By the end of 2024, over 65 countries—representing about 4 billion people, or half the world’s adult population—would have held national elections, earning the year the title of “year of elections.” The Economist has called it the biggest election year in history. The list includes India (April-May), the European Union (June), South Africa (June), France (June-July), the United Kingdom (July) and the United States (November).

Discontent has translated into anti-government votes in elections already conducted this year as people everywhere grapple with impending technological upheaval, deepening political divisions, and relentless negative news. Such outcomes coincide with studies showing a continued erosion of confidence in democratic and international institutions like the UN.

It seems the economic prosperity that resulted in people once embracing democracy following the Cold War is dissipating before our very eyes.

As studies show a surge in hopelessness and societal discontent, we see a simultaneous rise in the belief that democracy is no longer the preferred form of government. Among younger men (ages 18-32), in particular, there’s an increasing belief that authoritarian or nationalist solutions might be preferable to those based on cooperation. This shift is reflected in voting patterns, with younger people increasingly supporting political forces that advocate more inward-looking policies.
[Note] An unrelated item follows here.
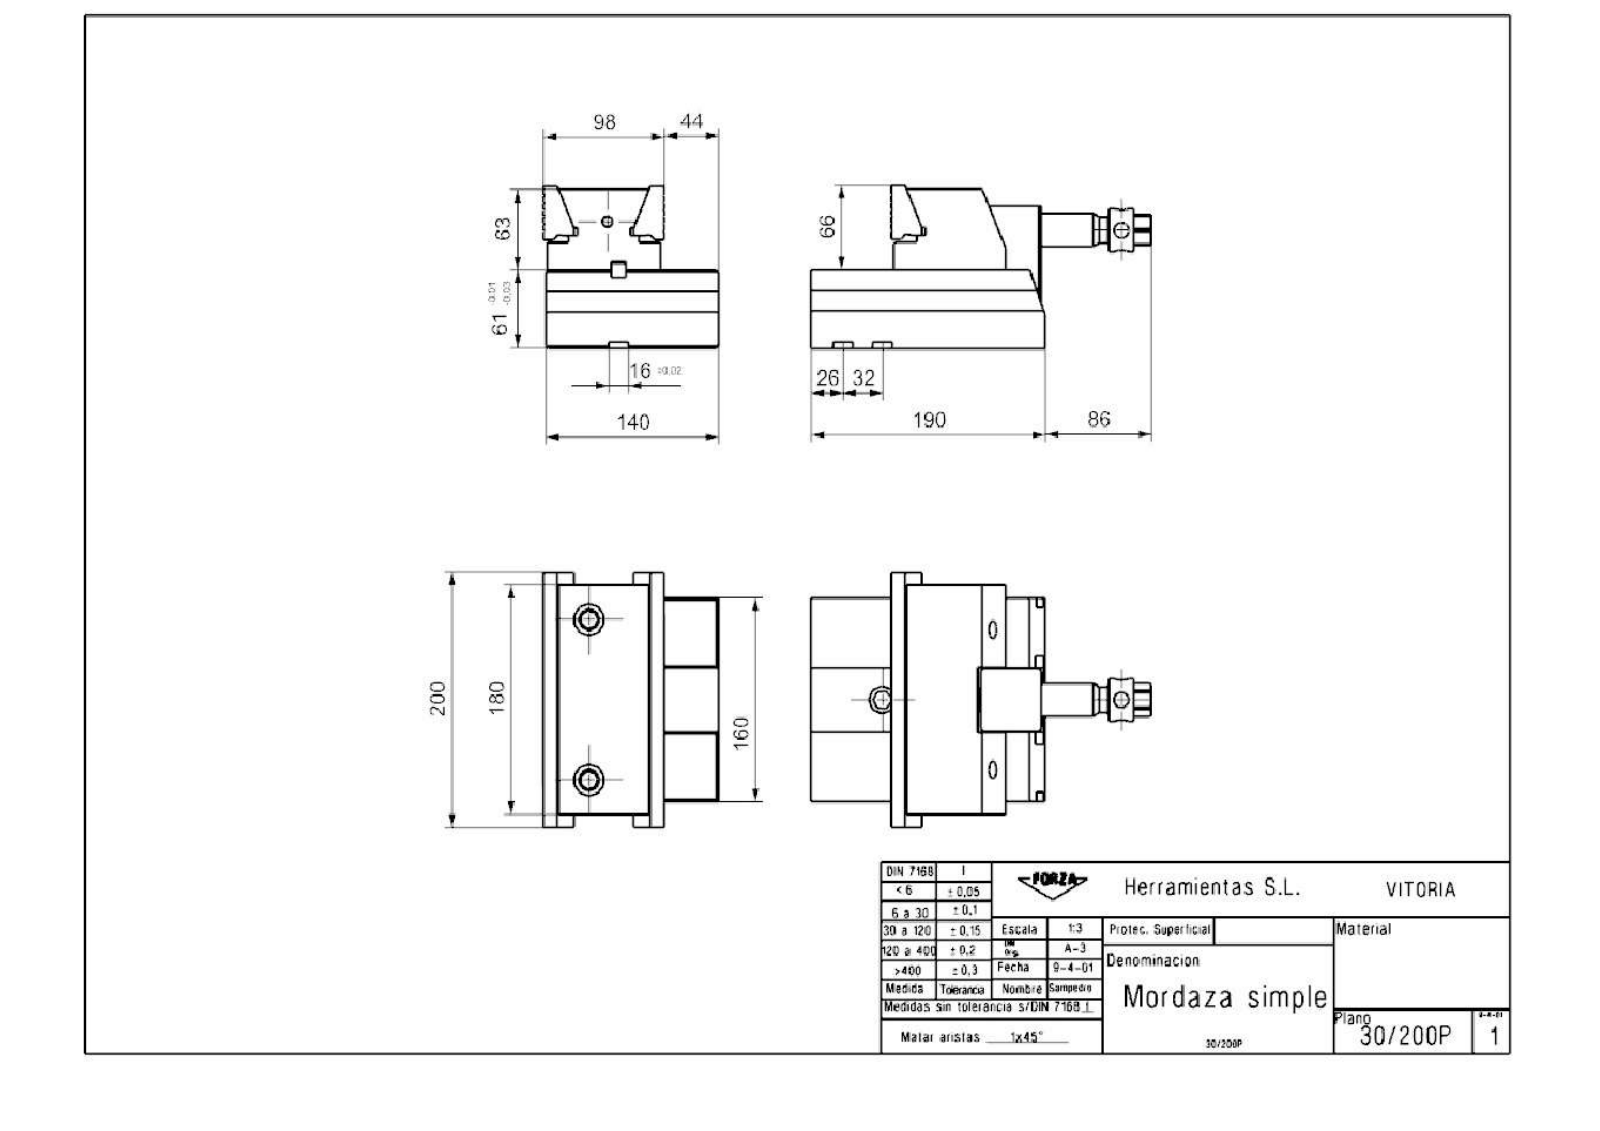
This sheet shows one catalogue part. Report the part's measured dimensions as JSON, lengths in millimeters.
{"part_name": "30_200P_Mordaza", "step_written_by": "SIEMENS PLM Software NX 9.0 (CONFIG_CONTROL_DESIGN)", "units": "millimeters", "bodies": {"solids": 14, "faces": 714, "planar": 452, "cylindrical": 205, "other": 57}, "overall_size": [493.19, 200, 127.55], "volume_mm3": 4621000, "surface_area_mm2": 569171, "round_holes": [[5.19, 11], [15, 9], [8.78, 5], [6.99, 4], [14.38, 4], [23, 4], [10.58, 3], [13, 3], [19, 3], [8.5, 2], [9, 2], [9.5, 2]], "round_bosses_or_shafts": [[34, 1], [33.8, 1], [26, 1], [20, 1], [16.5, 1]], "partial_cylinders_radius": [[0.4, 36], [8, 10], [20, 4], [6, 3], [1.6, 2], [6.5, 2], [4, 1], [7.5, 1]], "face_to_face_distances": [61.3, 10, 124.3, 63, 61.6, 60.1, 55, 170, 32, 65], "hole_center_spacings": [102, 8.01, 18, 24.52, 33.24, 48, 51.26, 94]}

Such findings appear as research also shows that young people believe they will be less better off than past generations. Studies show a surge in hopelessness and societal discontent, we also see a simultaneous rise in the belief that democracy is no longer the preferred form of government.

Why is this happening?

Political commentator, Misha Zelinsky, summarises one answer to this question: When democracies prevailed in the Cold War, they did so not through superior theory, but through superior outcomes. Eastern Europeans didn’t read Jefferson and give him the debating points over Marx. They tore down the Berlin Wall because free democracy was providing a better life, while Soviet oppression delivered misery. Humanity voted with its feet.
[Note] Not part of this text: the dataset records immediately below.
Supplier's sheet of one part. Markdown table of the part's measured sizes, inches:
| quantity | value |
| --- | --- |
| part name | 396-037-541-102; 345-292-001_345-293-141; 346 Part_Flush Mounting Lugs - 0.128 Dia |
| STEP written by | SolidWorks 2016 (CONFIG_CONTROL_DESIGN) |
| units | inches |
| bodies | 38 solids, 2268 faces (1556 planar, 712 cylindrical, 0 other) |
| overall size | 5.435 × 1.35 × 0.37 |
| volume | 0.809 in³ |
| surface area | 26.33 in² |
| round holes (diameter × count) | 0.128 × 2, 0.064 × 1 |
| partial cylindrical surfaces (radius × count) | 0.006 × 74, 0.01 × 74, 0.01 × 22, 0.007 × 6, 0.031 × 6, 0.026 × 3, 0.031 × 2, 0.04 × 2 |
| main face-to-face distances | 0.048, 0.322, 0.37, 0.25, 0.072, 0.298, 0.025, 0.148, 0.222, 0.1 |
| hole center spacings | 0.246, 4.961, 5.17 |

Zambia’s president, Hakainde Hichilema, put it more succinctly when he wrote last year: “You cannot eat democracy. Human rights may sustain the spirit, but not the body. Particularly in young democracies like mine, governments must deliver economically if they are to retain the people’s consent…. We cannot simply parrot lines about how democracy is good for citizens. It must be felt.”
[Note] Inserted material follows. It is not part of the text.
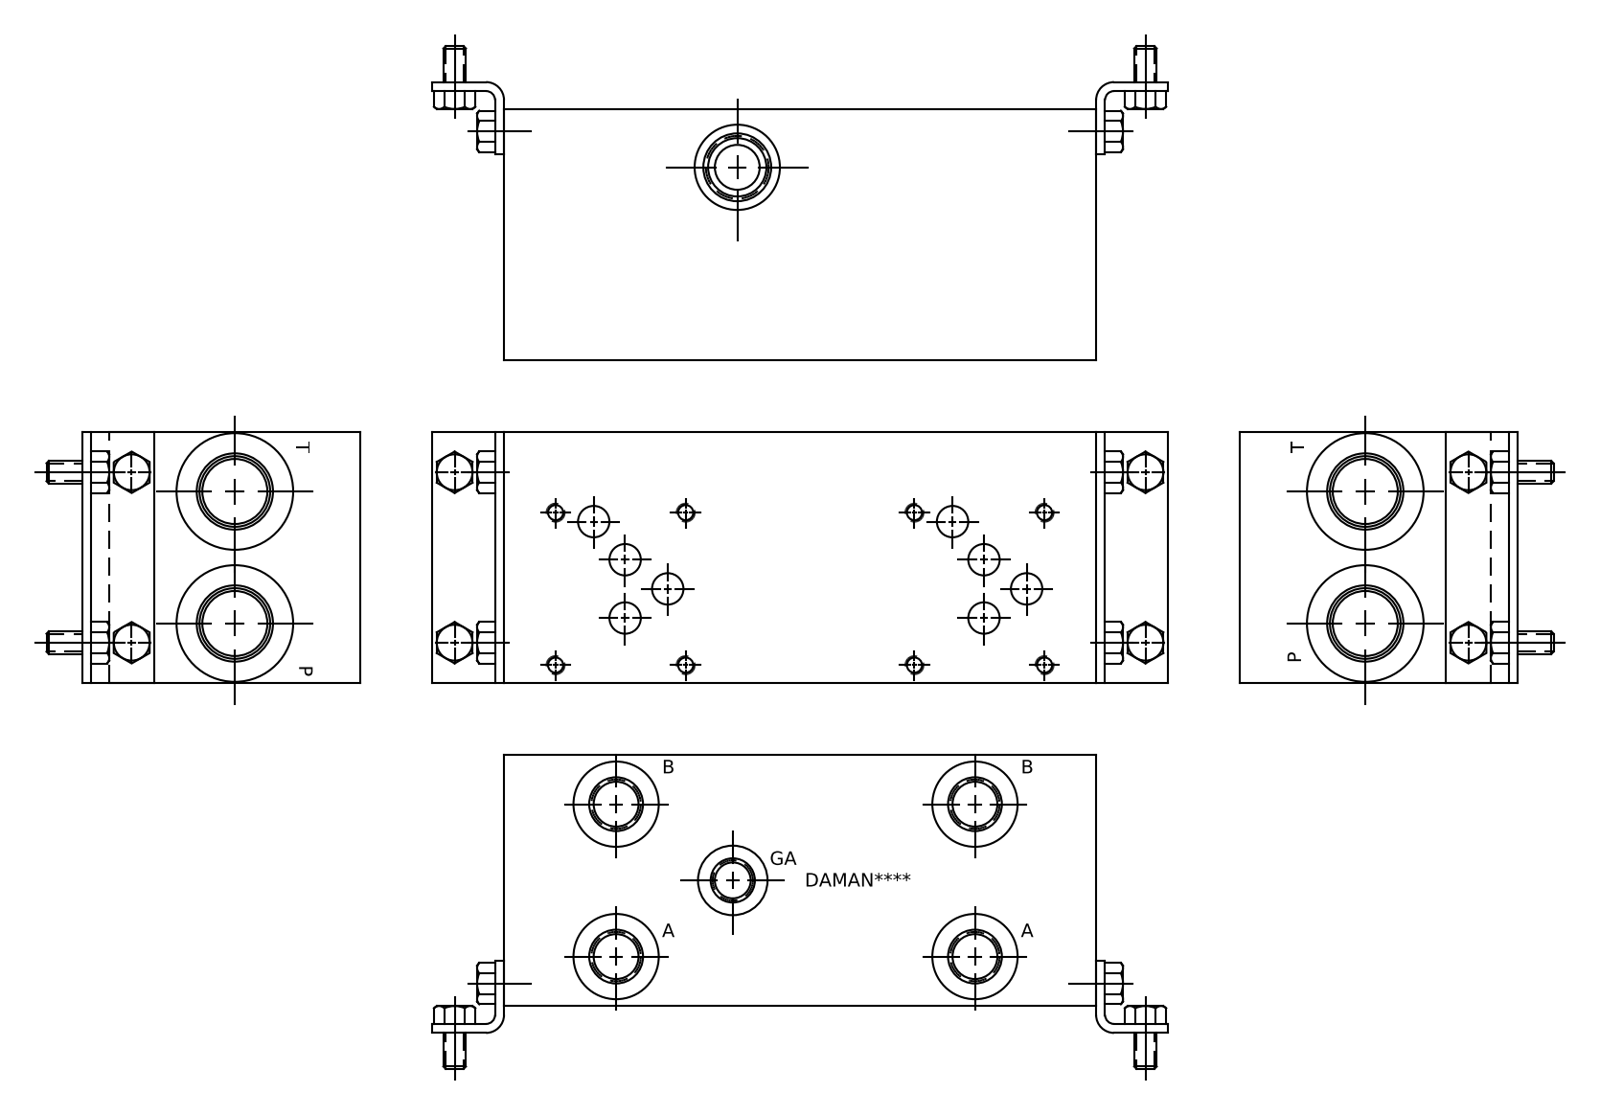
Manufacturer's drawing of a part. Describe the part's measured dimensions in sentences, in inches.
The part is named "Part_AD05P025S_C_3D". Its 3-D file was written by "Autodesk Inventor 2020 (AUTOMOTIVE_DESIGN)". It is 1 solid with 682 faces: 363 planar, 83 cylindrical and 236 other. Overall it measures 8.25 by 3.5 by 3.5 inches. Its volume is 93.31 cubic inches and its surface area 178.3 square inches. Round holes: 8 of diameter 0.201, 8 of diameter 0.25, 8 of diameter 0.438, 4 of diameter 0.625, 4 of diameter 0.689, 4 of diameter 0.75, 4 of diameter 0.758, 4 of diameter 1.206, 2 of diameter 0.257, 2 of diameter 0.312, 2 of diameter 0.906, 2 of diameter 0.981. The main face-to-face distances are 3.5, 0.031, 8.25, 8.219, 3.469, 8.188, 0.75, 0.781, 7.469, 7.438. The hole center spacings are 5, 1.813, 5.433, 2.125, 2.793, 0.546, 0.719, 1.092.
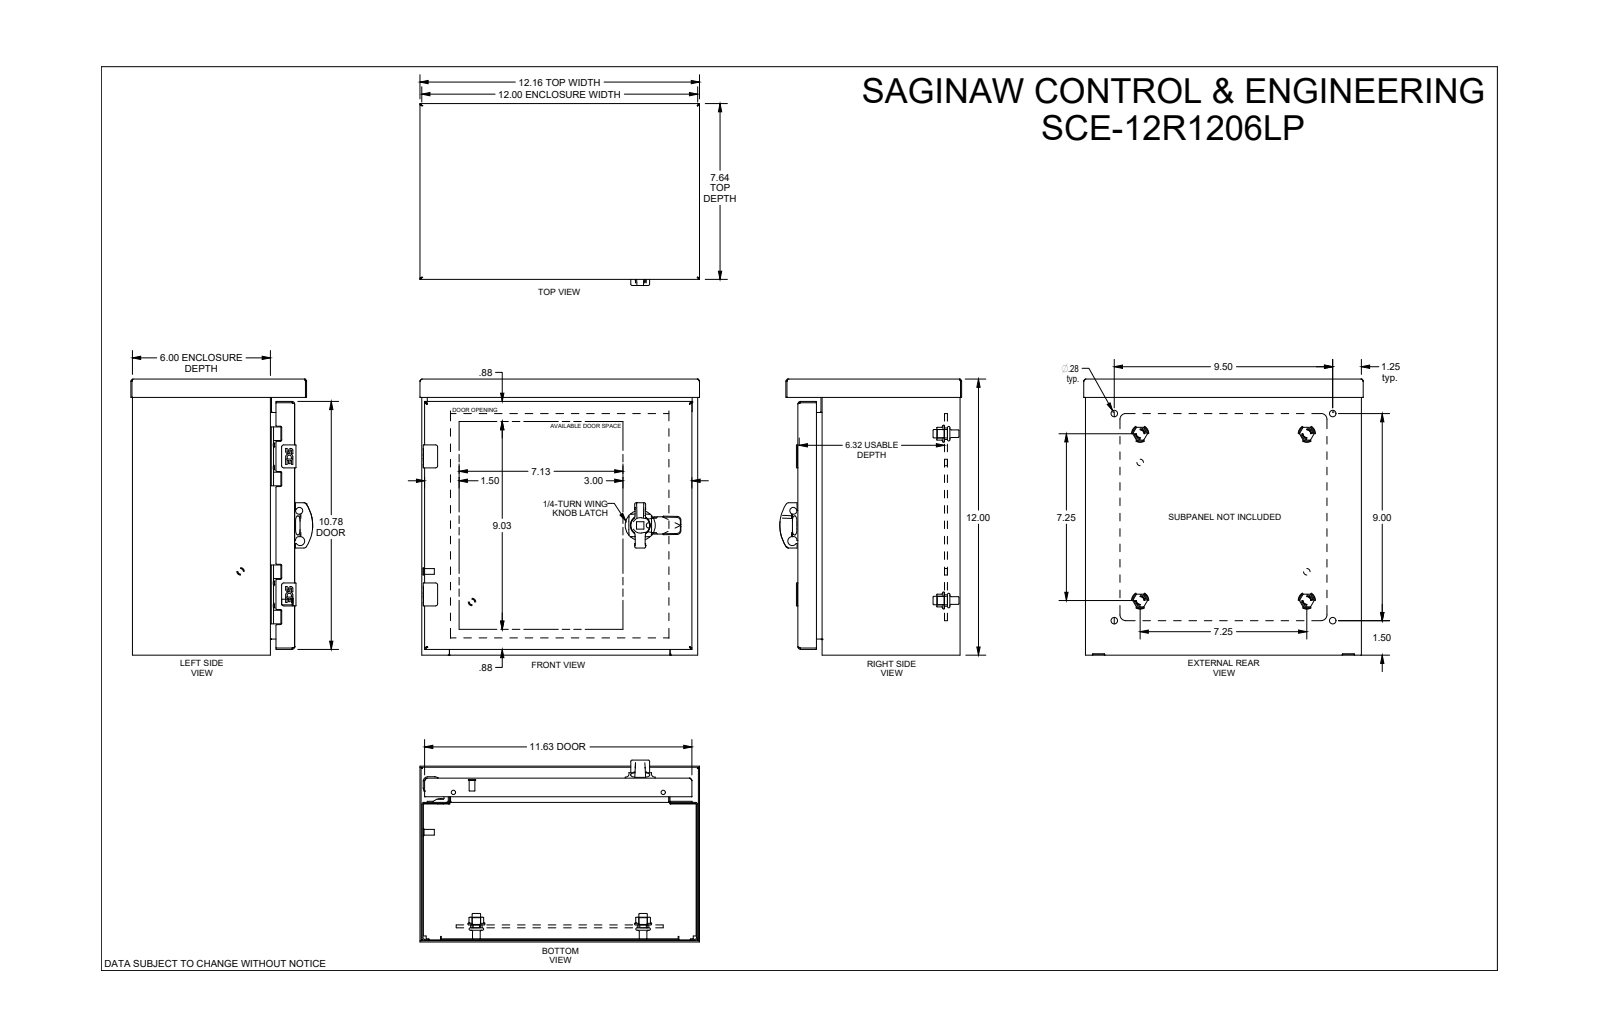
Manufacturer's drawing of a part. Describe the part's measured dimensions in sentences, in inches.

Hichilema was addressing Zambia’s severe debt crisis and the international community’s failure to reach a consensus on debt relief. His words served as a warning that without relief, Zambia’s democracy could face “existential pressure from the people.”

In June 2024, after three and a half years of challenging negotiations and heated exchanges between the US and Chinese governments over responsibility for the delays, Zambia finally received a reprieve following an agreement being reached between international institutions and China.

So today, we must ask: Are our democratic and international institutions truly delivering? Is this why support for them is declining?

A crisis of delivery leading to declining trust?

In many ways, governments have struggled to fulfill their promises of a sustainable and prosperous future. By 2023, only 15 per cent of the UN’s 17 Sustainable Development Goals were on track.

While we may have avoided the worst outcomes of climate change, we’re still far from preventing catastrophic impacts.

At the same time, emerging technologies like AI, if not managed properly, could widen inequalities even further.

Today, various surveys and experts, including Misha Zelinsky himself, consider support for democratic and international institutions to be in retreat across the globe. Other experts have described the growing popular disillusionment with democracy because of economic stagnation.

Author Joshua Kurlantzick, for example, argues that the Global Financial Crisis combined with a lack of economic growth and the hollowing out of the middle class have all played an important role.

It seems the economic prosperity that resulted in people once embracing democracy following the Cold War is dissipating before our very eyes. As a case in point, in 2013, 8 out of 10 Latin Americans believed that, despite its flaws, democracy was the best system of government.

By 2020, that number had dropped to just six out of 10. Former UN Deputy Secretary-General, Lord Mark Malloch Brown, concludes that “it would not be unreasonable to extrapolate [such] findings onto democracy’s sibling: multilateralism.”

And then there is political gridlock fuelled by self-righteousness… While the challenges of delivery noted above are significant, they are not insurmountable. They have become insurmountable, however, in the current political climate that is increasingly divided at local, national, and global levels. This has created what James A. Thurber and Antoine Yoshinaka describe as decision making “gridlock.”

In their important book, American Gridlock: The Sources, Character, and Impact of Political Polarization, James A. Thurber and Antoine Yoshinaka examine the causes and consequences of the intense political polarisation that has gripped the U.S. Congress in recent decades. The authors argue that this bitter partisan divide has made it extremely difficult in many, though not all, cases to enact major legislation.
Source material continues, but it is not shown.